The code was merged with the error code checking which is very similar and
which shares the same information. The new test adds about 1% slowdown to
error checking but makes it more reliable when facing wrongly formated
status codes.
It is now possible to filter by termination code with -tcn <termcode>, to be
able to track one kind of errors, for example after counting it with -tc.

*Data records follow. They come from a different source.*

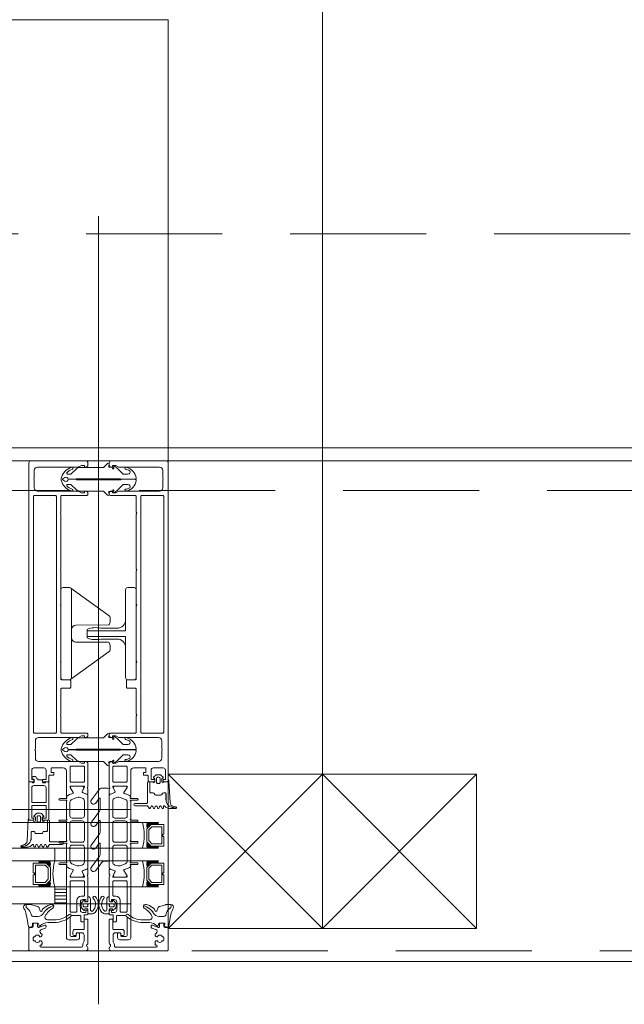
# Model space of a CAD drawing. Header units: millimetres. Extents: x 213386 to 459888, y 74252 to 208052.
# Tile 165 of 256: x 378132 to 378414, y 180172 to 180632. Entities that reach past the tile are written whole.
import ezdxf

# ---------------------------------------------------------------- set-up
doc = ezdxf.new("R2010")
doc.units = ezdxf.units.MM
doc.linetypes.add('ČÁRKOVANÁ', pattern=[19.05, 12.7, -6.35])
doc.layers.add('FASÁDA DETAILNÍ', color=255, linetype='Continuous', lineweight=0)
doc.layers.add('NOVA', color=255, linetype='Continuous', lineweight=0)

# ---------------------------------------------------------------- blocks, each defined once
blk = doc.blocks.new('244748_a')
blk.add_lwpolyline([(8.32, -1.69, 0.082248), (6.34, -0.9, -1.09695), (6.94, -0.1, -0.315353), (11.26, -5.15, -0.480529), (10.87, -5.64), (4.27, -5.64), (4.08, -5.45), (-16.53, -5.45), (-16.72, -5.64), (-20.43, -5.64, 0.574019), (-21.93, -4.78), (-22.99, -5.4, 0.524827), (-22.99, -5.9), (-21.93, -6.52, 0.574021), (-20.43, -5.66), (-16.72, -5.66), (-16.53, -5.85), (4.08, -5.85), (4.27, -5.66), (10.87, -5.66, -0.480529), (11.26, -6.15, -0.326229), (6.88, -11.09, -1.09695), (6.28, -10.3, 0.081457), (8.32, -9.61, 0.599203), (7.48, -8.05), (5.52, -8.05, 0.198965), (5.17, -8.2), (2.22, -11.15), (0.93, -12.01, -0.738038), (0.51, -11.62), (0.87, -11, 1), (0.35, -10.7), (0, -11.3), (-0.98, -11.3, 0.619205), (-1.45, -12.06), (-1.28, -12.43, -0.808139), (-2.04, -13.04), (-3.63, -11.44, 0.198906), (-4.34, -11.15), (-14.99, -11.15, -0.198936), (-16.76, -10.42), (-18.98, -8.2, 0.198942), (-19.33, -8.05), (-20.67, -8.05, 0.500217), (-21.09, -8.73, 0.122037), (-18.5, -10.27, -1.093735), (-19.1, -11.07, -0.240768), (-23.7, -6.07, -0.106226), (-23.7, -5.23, -0.256232), (-19, -0.13, -1.093735), (-18.4, -0.92, 0.116856), (-21.09, -2.57, 0.500217), (-20.67, -3.25), (-19.33, -3.25, 0.198942), (-18.98, -3.1), (-16.75, -0.88, -0.198936), (-14.99, -0.15), (-4.34, -0.15, 0.198907), (-3.63, 0.14), (-2.04, 1.74, -0.808139), (-1.28, 1.13), (-1.45, 0.76, 0.619205), (-0.98, 0), (0, 0), (0.35, -0.6, 1), (0.87, -0.3), (0.51, 0.32, -0.738038), (0.93, 0.71), (2.22, -0.15), (5.17, -3.1, 0.198965), (5.52, -3.25), (7.48, -3.25, 0.599203)], format="xyb", close=True)
blk = doc.blocks.new('236134_0100_s_v')
for points in [[(22.8, -23), (22.8, -5), (42, -5, 0.414214), (43, -4), (43, -1, 0.414214), (42, 0), (1, 0, 0.414214), (0, -1), (0, -4, 0.414214), (1, -5), (20.2, -5), (20.2, -23)], [(15, -5, -0.414214), (19, -9), (19, -16.57, 0.165764), (19.53, -23), (23.47, -23, 0.165764), (24, -16.57), (24, -9, -0.414214), (28, -5)]]:
    blk.add_lwpolyline(points, format="xyb")
blk = doc.blocks.new('236134_0200_s_v')
for points in [[(19.58, 5, -0.41166), (17.58, 6.98), (17.45, 22.25, 0.344217), (17.07, 22.73), (16, 23), (14, 23, 0.240828), (13.19, 22.59), (0.19, 4.59)], [(23.42, 5, 0.41166), (25.42, 6.98), (25.55, 22.25, -0.344217), (25.93, 22.73), (27, 23), (29, 23, -0.240828), (29.81, 22.59), (42.81, 4.59)]]:
    blk.add_lwpolyline(points, format="xyb")
blk.add_lwpolyline([(42, 5), (1, 5, 0.414214), (0, 4), (0, 1, 0.414214), (1, 0), (42, 0, 0.414214), (43, 1), (43, 4, 0.414214)], format="xyb", close=True)
blk = doc.blocks.new('284336')
for points in [[(-0.7, -9.6), (-10, -9.6, 0.414511), (-10.51, -10.11), (-10.51, -15.51, -1), (-11.69, -15.51), (-11.69, -9.6), (-12.69, -8.95, -0.668884), (-12.6, -8.23), (-11.99, -8.01, 0.766384), (-11.99, -7.21), (-12.6, -6.99, -0.76831), (-12.6, -6.23), (-11.99, -6.01, 0.766384), (-11.99, -5.21), (-12.6, -4.99, -0.76831), (-12.6, -4.23), (-11.99, -4.01, 0.766384), (-11.99, -3.21), (-12.6, -2.99, -0.877523), (-12.5, -2.22), (-12.1, -2.22, 0.698129), (-11.83, -1.5, -0.220231), (-12.89, 0.78), (-12.89, 3.45, -0.157143), (-12.82, 3.68), (-12.69, 3.42, -0.067482), (-12.48, 2.53, 0.393136), (-8.66, -1.02), (-6.1, -1.02, -0.414214), (-5.61, -1.51), (-5.61, -2.22, -0.267949), (-5.85, -2.65), (-6.35, -2.93, 0.267949), (-6.61, -3.38), (-6.61, -5.84, 0.267949), (-6.35, -6.29), (-5.85, -6.57, -0.267949), (-5.61, -7), (-5.61, -8.11, 0.414215), (-5.1, -8.62), (-0.41, -8.62), (-0.41, -9.31, -0.414212), (-0.7, -9.6)], [(-0.41, 0), (-0.41, -2, 0.990243), (-0.4, -3.02), (0.9, -3.02, 0.414214), (1.21, -2.71), (1.21, -2.61, -0.668123), (1.71, -2.4), (2.75, -3.45, -0.199004), (2.89, -3.79), (2.89, -5.43, -0.199038), (2.75, -5.77), (1.71, -6.82, -0.668191), (1.21, -6.61), (1.21, -6.51, 0.414214), (0.9, -6.2), (-0.4, -6.2, 0.990269), (-0.41, -7.22), (-0.41, -8.6), (-5.1, -8.6, -0.414215), (-5.59, -8.11), (-5.59, -7, 0.267949), (-5.84, -6.56), (-6.34, -6.27, -0.267949), (-6.59, -5.84), (-6.59, -3.38, -0.267949), (-6.34, -2.95), (-5.84, -2.66, 0.267949), (-5.59, -2.22), (-5.59, -1.51, 0.414214), (-6.1, -1), (-8.66, -1, -0.393156), (-12.46, 2.53, 0.067572), (-12.67, 3.43), (-12.8, 3.7, -0.637545), (-12.12, 3.53), (-11.92, 2.53, 0.344315), (-10.06, 0.91), (0, 0.38, -0.406913), (0.39, 0), (-0.41, 0)], [(1.7, -4.31, 0.414235), (1.2, -3.81), (-0.7, -3.81, 0.414214), (-1.2, -4.31), (-1.2, -4.91, 0.414214), (-0.7, -5.41), (1.2, -5.41, 0.414235), (1.7, -4.91), (1.7, -4.31)]]:
    blk.add_lwpolyline(points, format="xyb", close=True)
blk = doc.blocks.new('nesystémový nástavec 18')
for p, q in [((-17.5, 9.3), (-15.36, 9.3)), ((-15.36, 9.3), (0, 9.3)), ((0, 9.3), (0, 7.8)), ((-18, 6.8), (-18, 8.8)), ((-17, 6.3), (-17.5, 6.3)), ((-11, 8), (-17, 8)), ((-17, 8), (-17, 6.3)), ((-11, 1.3), (-11, 8)), ((-2.8, 8), (-9.7, 8)), ((-9.7, 1.3), (-9.7, 8)), ((-1.8, 2.3), (-1.8, 7)), ((-0.5, 7.3), (-0.5, 6.8)), ((0, 6.3), (0.55, 6.3)), ((0.55, 6.3), (0.95, 5.9)), ((0.95, 5.9), (0.95, 4.8)), ((0.95, 4.8), (0.95, 4.14)), ((-18, 0.5), (-18, 1.8)), ((-17.5, 2.3), (-17, 2.3)), ((-1.8, 0), (-17.5, 0)), ((-17, 2.3), (-17, 1.3)), ((-17, 1.3), (-11, 1.3)), ((-9.7, 1.3), (-2.8, 1.3)), ((0, 0), (-1.8, 0)), ((-0.4, 2.23), (-0.5, 2.04)), ((-0.5, 2.04), (-0.5, 2)), ((1.2, 2.44), (0, 2.44)), ((0, 1.5), (0, 0)), ((0.95, 4.14), (1.2, 4.14)), ((1.2, 1.85), (1.2, 2.44)), ((1.4, 3.94), (1.4, 3.84)), ((1.6, 3.64), (1.6, 3.64)), ((1.8, 1.37), (1.7, 1.35)), ((2.25, 1.63), (1.8, 1.37)), ((2.4, 2.84), (2.4, 1.89))]:
    blk.add_line(p, q)
for centre, radius, start, end in [((-17.5, 8.8), 0.5, 90, 180), ((-15.36, 9.8), 0.5, 270, 270.084), ((-17.5, 6.8), 0.5, 180.0012, 269.9988), ((-2.8, 7), 1, 0, 90), ((0, 7.3), 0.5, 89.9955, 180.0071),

Use -TCN <termcode> gives you the opposite.
There were too many filters, we were losing time in all the "if" statements.
By moving all the filters to independant functions, we made the code cleaner
and slightly faster (3%).
One minor bug was found, the -tc and -st options did not report the number
of output lines, but always zero.
Almost all filters first check the line format, which takes a lot of code
and requires parsing back and forth. By centralizing this test, we can
save about 15-20 more percent of performance for all filters.
Also, the test was wrong, it was checking that the source IP address was
starting with a digit, which is not always true with local IPv6 addresses.
Instead, we now check that the next field (accept field) starts with an
opening bracket and is followed by a digit between 0 and 3 (day of the
month). Doing this has contributed a 2% speedup because all other field
calculations were relative to a closer field.